# need AFX Screecher's spare parts



## 1scalevolvo (Feb 5, 2004)

Any body know of any source for spare parts for the AFX Screechers battery powered cars ? I need a p/u shoe,spring & pigtail assembly . If not I will try to snag a junker chassis @ the HO-NJ next Nov. 20th


Neal:dude:


----------



## 1scalevolvo (Feb 5, 2004)

This is the Chassis that I need the P/u shoe/spring/ pigtail asssembly for . It is an AFX Screecher chassis fron the battery operated set .The Screecher chassis looks "disposible " once the integral guide pin & the p/u shoes wear out.Will try to find a "Junker" chassis @ the H0 - NJ show in Parsippany this coming Sunday with the parts I need.


Neal :dude:


----------



## cwbam (Feb 8, 2010)

Thanks for the photo, those parts should be around.
? Speed Shifter ?

I've picked up a few on feepay in large auctions and never got much demand for them.

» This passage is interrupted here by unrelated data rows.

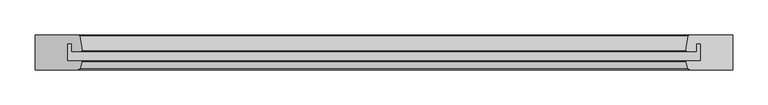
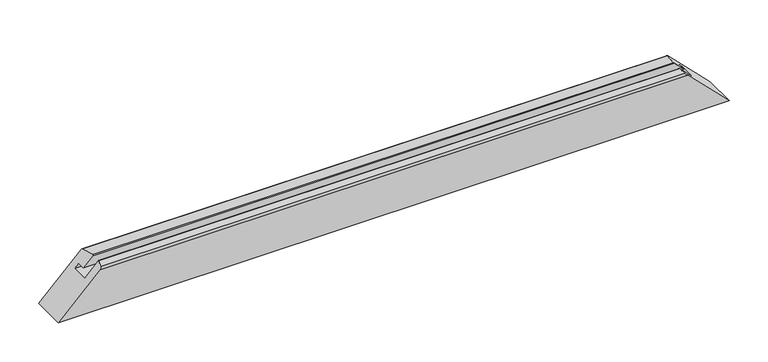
"""IFC4 building model written with IfcOpenShell, lengths in millimetres: proxy geometry, Weiku - Montante - Caixilho fixo 02.2.01.005 : Weiku - Montante - Caixilho fixo 02.2.01.005."""

import ifcopenshell
import ifcopenshell.guid

model = None  # the IFC model being written
_history = None  # IfcOwnerHistory: only IFC2X3 demands one
_inside = {}  # id of a spatial element -> (the spatial element, [elements in it])
_under = {}  # id of a project, library or spatial element -> (it, [spatial elements below it])
_declared = {}  # id of a project -> (the project, [libraries it declares])
_typed = {}  # id of a type object -> (the type object, [elements of that type])
_made_of = {}  # id of a material, layer set ... -> (it, [elements and type objects made of it])


def new_model(schema):
    """Start an empty IFC model of exactly this schema.

    Asked for "IFC4X3", IfcOpenShell would pick the latest addendum, in which some entities
    have other attributes; the version numbers below select the first issue.
    IFC2X3 requires an IfcOwnerHistory on every rooted entity: one is made here for all.
    """
    global model, _history
    if schema == "IFC4X3":
        model = ifcopenshell.file(schema_version=(4, 3, 0, 0))
    else:
        model = ifcopenshell.file(schema=schema)
    _inside.clear()
    _under.clear()
    _declared.clear()
    _typed.clear()
    _made_of.clear()
    _history = None
    if model.schema == "IFC2X3":
        org = make("IfcOrganization", Name="unknown")
        user = make(
            "IfcPersonAndOrganization",
            ThePerson=make("IfcPerson", FamilyName="unknown"),
            TheOrganization=org,
        )
        app = make(
            "IfcApplication",
            ApplicationDeveloper=org,
            Version="unknown",
            ApplicationFullName="unknown",
            ApplicationIdentifier="unknown",
        )
        _history = make(
            "IfcOwnerHistory",
            OwningUser=user,
            OwningApplication=app,
            ChangeAction="ADDED",
            CreationDate=0,
        )
    return model


def make(cls, **values):
    """One entity of the class cls with the attributes given. An attribute that is None is left unset."""
    return model.create_entity(
        cls, **{name: value for name, value in values.items() if value is not None}
    )


def rooted(cls, **values):
    """An entity with a GlobalId (a new one), such as an element, a storey or a relation."""
    return make(cls, GlobalId=ifcopenshell.guid.new(), OwnerHistory=_history, **values)


def si_unit(unit_type, name, prefix=None):
    """IfcSIUnit, for example si_unit("LENGTHUNIT", "METRE", prefix="MILLI")."""
    return make("IfcSIUnit", UnitType=unit_type, Prefix=prefix, Name=name)


def assignment(units):
    """IfcUnitAssignment: the units of a project."""
    return None if units is None else make("IfcUnitAssignment", Units=units)


def point(xyz):
    """IfcCartesianPoint."""
    return None if xyz is None else make("IfcCartesianPoint", Coordinates=xyz)


def direction(xyz):
    """IfcDirection."""
    return None if xyz is None else make("IfcDirection", DirectionRatios=xyz)


def frame(location, z_axis=None, x_axis=None):
    """IfcAxis2Placement3D, a coordinate frame: its origin and axes. An axis left out is left unset."""
    return make(
        "IfcAxis2Placement3D",
        Location=point(location),
        Axis=direction(z_axis),
        RefDirection=direction(x_axis),
    )


def origin():
    """The frame at (0, 0, 0) with its axes left unset."""
    return frame((0.0, 0.0, 0.0))


def place(relative_to, where):
    """IfcLocalPlacement: puts the frame where relative to a parent placement (None: the world)."""
    return make(
        "IfcLocalPlacement", PlacementRelTo=relative_to, RelativePlacement=where
    )


def context(
    kind, dimensions, precision=None, world=None, true_north=None, identifier=None
):
    """IfcGeometricRepresentationContext, for example the 3D "Model" context."""
    return make(
        "IfcGeometricRepresentationContext",
        ContextIdentifier=identifier,
        ContextType=kind,
        CoordinateSpaceDimension=dimensions,
        Precision=precision,
        WorldCoordinateSystem=world,
        TrueNorth=true_north,
    )


def project(units=None, contexts=None):
    """IfcProject with its units and contexts."""
    return rooted(
        "IfcProject",
        Name="project",
        RepresentationContexts=contexts,
        UnitsInContext=assignment(units),
    )


def spatial(cls, under=None, at=None, **own):
    """A site, building, storey or space (cls), placed at a placement, below another one or the project."""
    s = rooted(cls, ObjectPlacement=at, **own)
    if under is not None:
        _under.setdefault(under.id(), (under, []))[1].append(s)
    return s


def ellipse_curve(where, semi_axis1, semi_axis2):
    """IfcEllipse in the frame where."""
    return make(
        "IfcEllipse", Position=where, SemiAxis1=semi_axis1, SemiAxis2=semi_axis2
    )


def shape(context_of_items, identifier, shape_type, items):
    """IfcShapeRepresentation: the items that make up one representation, for example the "Body"."""
    return make(
        "IfcShapeRepresentation",
        ContextOfItems=context_of_items,
        RepresentationIdentifier=identifier,
        RepresentationType=shape_type,
        Items=items,
    )


def source(mapping_origin, context_of_items, identifier, shape_type, items):
    """IfcRepresentationMap: a shape defined once, which mapped items show again and again."""
    return make(
        "IfcRepresentationMap",
        MappingOrigin=mapping_origin,
        MappedRepresentation=shape(context_of_items, identifier, shape_type, items),
    )


def transform(
    local_origin,
    x_axis=None,
    y_axis=None,
    z_axis=None,
    scale=None,
    scale2=None,
    scale3=None,
    uniform=True,
):
    """IfcCartesianTransformationOperator3D, or its non-uniform kind. x_axis, y_axis, z_axis: its Axis1, 2, 3."""
    if uniform:
        return make(
            "IfcCartesianTransformationOperator3D",
            Axis1=direction(x_axis),
            Axis2=direction(y_axis),
            LocalOrigin=point(local_origin),
            Scale=scale,
            Axis3=direction(z_axis),
        )
    return make(
        "IfcCartesianTransformationOperator3DnonUniform",
        Axis1=direction(x_axis),
        Axis2=direction(y_axis),
        LocalOrigin=point(local_origin),
        Scale=scale,
        Axis3=direction(z_axis),
        Scale2=scale2,
        Scale3=scale3,
    )


def mapped(mapping_source, mapping_target):
    """IfcMappedItem: shows the shape of a source again, moved by a transform."""
    return make(
        "IfcMappedItem", MappingSource=mapping_source, MappingTarget=mapping_target
    )


def made_of(thing, what):
    """Note that an element or type object is made of a material, layer set ...; save() writes the relation."""
    if what is not None:
        _made_of.setdefault(what.id(), (what, []))[1].append(thing)
    return thing


def element(
    cls,
    number,
    at=None,
    inside=None,
    cuts=None,
    type_object=None,
    material=None,
    context=None,
    identifier="Body",
    shape_type=None,
    held_by="IfcProductDefinitionShape",
    body=None,
    shapes=None,
    **own,
):
    """One element of the class cls, such as IfcWall. Its Tag is "e" and its number.

    at: its placement. inside: the storey or other place that contains it. cuts: it is an
    opening in that element (IfcRelVoidsElement). A single representation is given by context,
    identifier, shape_type and body (its items); several are given by shapes. held_by: the class
    of the entity that holds the representations. save() writes the other relations.
    """
    e = rooted(cls, Tag="e%d" % number, ObjectPlacement=at, **own)
    if body is not None:
        shapes = [shape(context, identifier, shape_type, body)]
    if shapes is not None:
        e.Representation = make(held_by, Representations=shapes)
    if inside is not None:
        _inside.setdefault(inside.id(), (inside, []))[1].append(e)
    if cuts is not None:
        rooted(
            "IfcRelVoidsElement", RelatingBuildingElement=cuts, RelatedOpeningElement=e
        )
    if type_object is not None:
        _typed.setdefault(type_object.id(), (type_object, []))[1].append(e)
    return made_of(e, material)


def aggregate(whole, parts):
    """IfcRelAggregates: a whole, such as a stair, and the parts it consists of."""
    return rooted("IfcRelAggregates", RelatingObject=whole, RelatedObjects=parts)


def save(model, path):
    """Write the relations noted so far, then the file.

    IfcRelAggregates (storeys below a building ...), IfcRelContainedInSpatialStructure (elements
    in a storey), IfcRelDefinesByType, IfcRelAssociatesMaterial and IfcRelDeclares: one each for
    every whole, place, type object, material and project.
    """
    for whole, parts in _under.values():
        aggregate(whole, parts)
    for where, things in _inside.values():
        rooted(
            "IfcRelContainedInSpatialStructure",
            RelatedElements=things,
            RelatingStructure=where,
        )
    for kind, things in _typed.values():
        rooted("IfcRelDefinesByType", RelatedObjects=things, RelatingType=kind)
    for what, things in _made_of.values():
        rooted("IfcRelAssociatesMaterial", RelatedObjects=things, RelatingMaterial=what)
    for by, libraries in _declared.values():
        rooted("IfcRelDeclares", RelatingContext=by, RelatedDefinitions=libraries)
    model.write(path)


def plane_surface(at):
    """IfcPlane: the flat surface through the origin of the frame at, square to its z axis."""
    return make("IfcPlane", Position=at)


def cylinder_surface(at, radius):
    """IfcCylindricalSurface: all points at the distance radius from the z axis of the frame at."""
    return make("IfcCylindricalSurface", Position=at, Radius=radius)


def advanced_brep(points, edges, surfaces, faces):
    """IfcAdvancedBrep: a solid bounded by faces that lie on surfaces and meet in shared edges.

    An edge is (start, end): straight between two places in points (the first is 0);
    or (start, end, curve); or (start, end, curve, False) where it runs against its curve.
    A face is (place in surfaces, loops), or (place, loops, False) where it looks against
    its surface's normal. A loop lists edges by number (the first is 1), with a minus sign
    where the edge is run from its end to its start. The first loop is the outer one.
    """
    corners = [point(p) for p in points]
    vertices = [make("IfcVertexPoint", VertexGeometry=c) for c in corners]
    made = []
    for start, end, *more in edges:
        made.append(
            make(
                "IfcEdgeCurve",
                EdgeStart=vertices[start],
                EdgeEnd=vertices[end],
                EdgeGeometry=more[0] if more else make("IfcPolyline", Points=[corners[start], corners[end]]),
                SameSense=more[1] if len(more) > 1 else True,
            )
        )
    hull = []
    for where, loops, *sense in faces:
        bounds = []
        for j, loop in enumerate(loops):
            ring = [make("IfcOrientedEdge", EdgeElement=made[abs(k) - 1], Orientation=k > 0) for k in loop]
            bounds.append(
                make(
                    "IfcFaceOuterBound" if j == 0 else "IfcFaceBound",
                    Bound=make("IfcEdgeLoop", EdgeList=ring),
                    Orientation=True,
                )
            )
        hull.append(make("IfcAdvancedFace", Bounds=bounds, FaceSurface=surfaces[where], SameSense=sense[0] if sense else True))
    return make("IfcAdvancedBrep", Outer=make("IfcClosedShell", CfsFaces=hull))


def generic_models_6f5a0c79(model_context):
    return source(origin(), model_context, "Body", "AdvancedBrep", [
        advanced_brep(
        [(-430.618227, -38.5070552, 66.881773), (-431.3909676, -37.5, 66.1090324), (-451.5, -37.5, 46.0), (-451.5, -12.5, 46.0), (-445.5009154, -12.5, 51.9990846), (-445.5009154, -23.5, 51.9990846), (-431.4865015, -23.5, 66.0134985), (-430.4998537, -22.3371317, 67.0001463), (-434.0489094, -0.8371317, 63.4510906), (-435.0355572, 0.0, 62.4644428), (-497.5, 0.0, 0.0), (-497.5, -50.0, 0.0), (-435.9997332, -50.0, 61.5002668), (-433.1019557, -47.7764571, 64.3980443), (433.1019557, -47.7764571, 64.3980443), (435.9997332, -50.0, 61.5002668), (497.5, -50.0, 0.0), (497.5, 0.0, 0.0), (435.0355572, 0.0, 62.4644428), (434.0489094, -0.8371317, 63.4510906), (430.4998537, -22.3371317, 67.0001463), (431.4865015, -23.5, 66.0134985), (445.5009154, -23.5, 51.9990846), (445.5009154, -12.5, 51.9990846), (451.5, -12.5, 46.0), (451.5, -37.5, 46.0), (431.3909676, -37.5, 66.1090324), (430.618227, -38.5070552, 66.881773)],
        [
            (0, 1, ellipse_curve(frame((-431.3909676, -38.3, 66.1090324), z_axis=(-0.707106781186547, 0.0, 0.7071067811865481), x_axis=(-0.7071067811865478, 0.0, -0.707106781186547)), 1.1313708, 0.8)),
            (1, 2),
            (2, 3),
            (3, 4),
            (4, 5),
            (5, 6),
            (6, 7, ellipse_curve(frame((-431.4865015, -22.5, 66.0134985), z_axis=(-0.707106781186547, 0.0, 0.7071067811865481), x_axis=(-0.7071067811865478, 0.0, -0.707106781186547)), 1.4142136, 1.0)),
            (7, 8),
            (8, 9, ellipse_curve(frame((-435.0355572, -1.0, 62.4644428), z_axis=(-0.707106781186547, 0.0, 0.7071067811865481), x_axis=(-0.7071067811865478, 0.0, -0.707106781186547)), 1.4142136, 1.0)),
            (9, 10),
            (10, 11),
            (11, 12),
            (12, 13, ellipse_curve(frame((-435.9997332, -47.0, 61.5002668), z_axis=(-0.707106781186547, 0.0, 0.7071067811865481), x_axis=(-0.7071067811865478, 0.0, -0.707106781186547)), 4.2426407, 3.0)),
            (13, 0),
            (14, 15, ellipse_curve(frame((435.9997332, -47.0, 61.5002668), z_axis=(0.7071067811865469, 0.0, 0.7071067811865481), x_axis=(-0.7071067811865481, 0.0, 0.7071067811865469)), 4.2426407, 3.0)),
            (15, 16),
            (16, 17),
            (17, 18),
            (18, 19, ellipse_curve(frame((435.0355572, -1.0, 62.4644428), z_axis=(0.7071067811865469, 0.0, 0.7071067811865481), x_axis=(-0.7071067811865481, 0.0, 0.7071067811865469)), 1.4142136, 1.0)),
            (19, 20),
            (20, 21, ellipse_curve(frame((431.4865015, -22.5, 66.0134985), z_axis=(0.7071067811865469, 0.0, 0.7071067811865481), x_axis=(-0.7071067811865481, 0.0, 0.7071067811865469)), 1.4142136, 1.0)),
            (21, 22),
            (22, 23),
            (23, 24),
            (24, 25),
            (25, 26),
            (26, 27, ellipse_curve(frame((431.3909676, -38.3, 66.1090324), z_axis=(0.7071067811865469, 0.0, 0.7071067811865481), x_axis=(-0.7071067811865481, 0.0, 0.7071067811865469)), 1.1313708, 0.8)),
            (27, 14),
            (13, 14),
            (27, 0),
            (12, 15),
            (11, 16),
            (10, 17),
            (9, 18),
            (8, 19),
            (7, 20),
            (6, 21),
            (5, 22),
            (4, 23),
            (3, 24),
            (2, 25),
            (1, 26),
        ],
        [
            plane_surface(frame((-567.5, 15.0, -70.0), z_axis=(-0.707106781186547, 0.0, 0.7071067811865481), x_axis=(0.0, -1.0, 0.0))),
            plane_surface(frame((427.5, 15.0, 70.0), z_axis=(0.7071067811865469, 0.0, 0.7071067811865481), x_axis=(0.0, -1.0, 0.0))),
            plane_surface(frame((-497.5, -38.5070552, 66.881773), z_axis=(0.0, -0.2588190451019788, 0.9659258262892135), x_axis=(1.0, 0.0, 0.0))),
            cylinder_surface(frame((-497.5, -47.0, 61.5002668), z_axis=(-1.0, 0.0, 0.0), x_axis=(0.0, 1.0, 0.0)), 3.0),
            plane_surface(frame((-497.5, -50.0, 61.5002668), z_axis=(0.0, -1.0, 0.0), x_axis=(1.0, 0.0, 0.0))),
            plane_surface(frame((-497.5, -50.0, 0.0), z_axis=(0.0, 0.0, -1.0), x_axis=(1.0, 0.0, 0.0))),
            plane_surface(frame((-497.5, 0.0, 0.0), z_axis=(0.0, 1.0, 0.0), x_axis=(1.0, 0.0, 0.0))),
            cylinder_surface(frame((-497.5, -1.0, 62.4644428), z_axis=(-1.0, 0.0, 0.0), x_axis=(0.0, -1.0, 0.0)), 1.0),
            plane_surface(frame((-497.5, -0.8371317, 63.4510906), z_axis=(0.0, 0.16286828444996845, 0.9866478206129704), x_axis=(1.0, 0.0, 0.0))),
            cylinder_surface(frame((-497.5, -22.5, 66.0134985), z_axis=(-1.0, 0.0, 0.0), x_axis=(0.0, -1.0, 0.0)), 1.0),
            plane_surface(frame((-497.5, -23.5, 66.0134985), z_axis=(0.0, -1.0, 0.0), x_axis=(1.0, 0.0, 0.0))),
            plane_surface(frame((-497.5, -23.5, 51.9990846), z_axis=(0.0, 0.0, -1.0), x_axis=(1.0, 0.0, 0.0))),
            plane_surface(frame((-497.5, -12.5, 51.9990846), z_axis=(0.0, -1.0, 0.0), x_axis=(1.0, 0.0, 0.0))),
            plane_surface(frame((-497.5, -12.5, 46.0), z_axis=(0.0, 0.0, 1.0), x_axis=(1.0, 0.0, 0.0))),
            plane_surface(frame((-497.5, -37.5, 46.0), z_axis=(0.0, 1.0, 0.0), x_axis=(1.0, 0.0, 0.0))),
            cylinder_surface(frame((-497.5, -38.3, 66.1090324), z_axis=(-1.0, 0.0, 0.0), x_axis=(0.0, 1.0, 0.0)), 0.8),
        ],
        [
            (0, [[1, 2, 3, 4, 5, 6, 7, 8, 9, 10, 11, 12, 13, 14]]),
            (1, [[15, 16, 17, 18, 19, 20, 21, 22, 23, 24, 25, 26, 27, 28]]),
            (2, [[29, -28, 30, -14]]),
            (3, [[31, -15, -29, -13]]),
            (4, [[-16, -31, -12, 32]]),
            (5, [[-11, 33, -17, -32]]),
            (6, [[-10, 34, -18, -33]]),
            (7, [[35, -19, -34, -9]]),
            (8, [[36, -20, -35, -8]]),
            (9, [[37, -21, -36, -7]]),
            (10, [[38, -22, -37, -6]]),
            (11, [[39, -23, -38, -5]]),
            (12, [[40, -24, -39, -4]]),
            (13, [[41, -25, -40, -3]]),
            (14, [[42, -26, -41, -2]]),
            (15, [[-30, -27, -42, -1]]),
        ],
    ),
    ])


if __name__ == "__main__":
    model = new_model("IFC4")
    model_context = context("Model", 3, world=origin())
    ifc_project = project(units=[si_unit("LENGTHUNIT", "METRE", prefix="MILLI")], contexts=[model_context])
    site = spatial("IfcSite", under=ifc_project)
    building = spatial("IfcBuilding", under=site)
    placement = place(None, origin())
    generic_models_shape = generic_models_6f5a0c79(model_context)
    element("IfcBuildingElementProxy", 1, Name="Weiku - Montante - Caixilho fixo 02.2.01.005 : Weiku - Montante - Caixilho fixo 02.2.01.005", ObjectType="Weiku - Montante - Caixilho fixo 02.2.01.005 : Weiku - Montante - Caixilho fixo 02.2.01.005", at=placement, inside=building, context=model_context, shape_type="MappedRepresentation", body=[
        mapped(generic_models_shape, transform((0.0, 0.0, 0.0), x_axis=(1.0, 0.0, 0.0), y_axis=(0.0, 1.0, 0.0), z_axis=(0.0, 0.0, 1.0))),
    ])
    save(model, "model.ifc")

(I didn't read post very well and was thinking about Sizzler Hot Wheels battery powered)


----------



## Piz (Apr 22, 2002)

I have a coulpe of those chassis That I took the arms out of to use in G plus chassis , The pick up and springs are there and in like new condition . If you want them just pay for the shipping and you can have them . 
Mike


----------



## 1scalevolvo (Feb 5, 2004)

Piz said:


> I have a coulpe of those chassis That I took the arms out of to use in G plus chassis , The pick up and springs are there and in like new condition . If you want them just pay for the shipping and you can have them .
> Mike


Thanx ! I'll let ya know If I cant snag anything @ the show !!


Neal:dude:


----------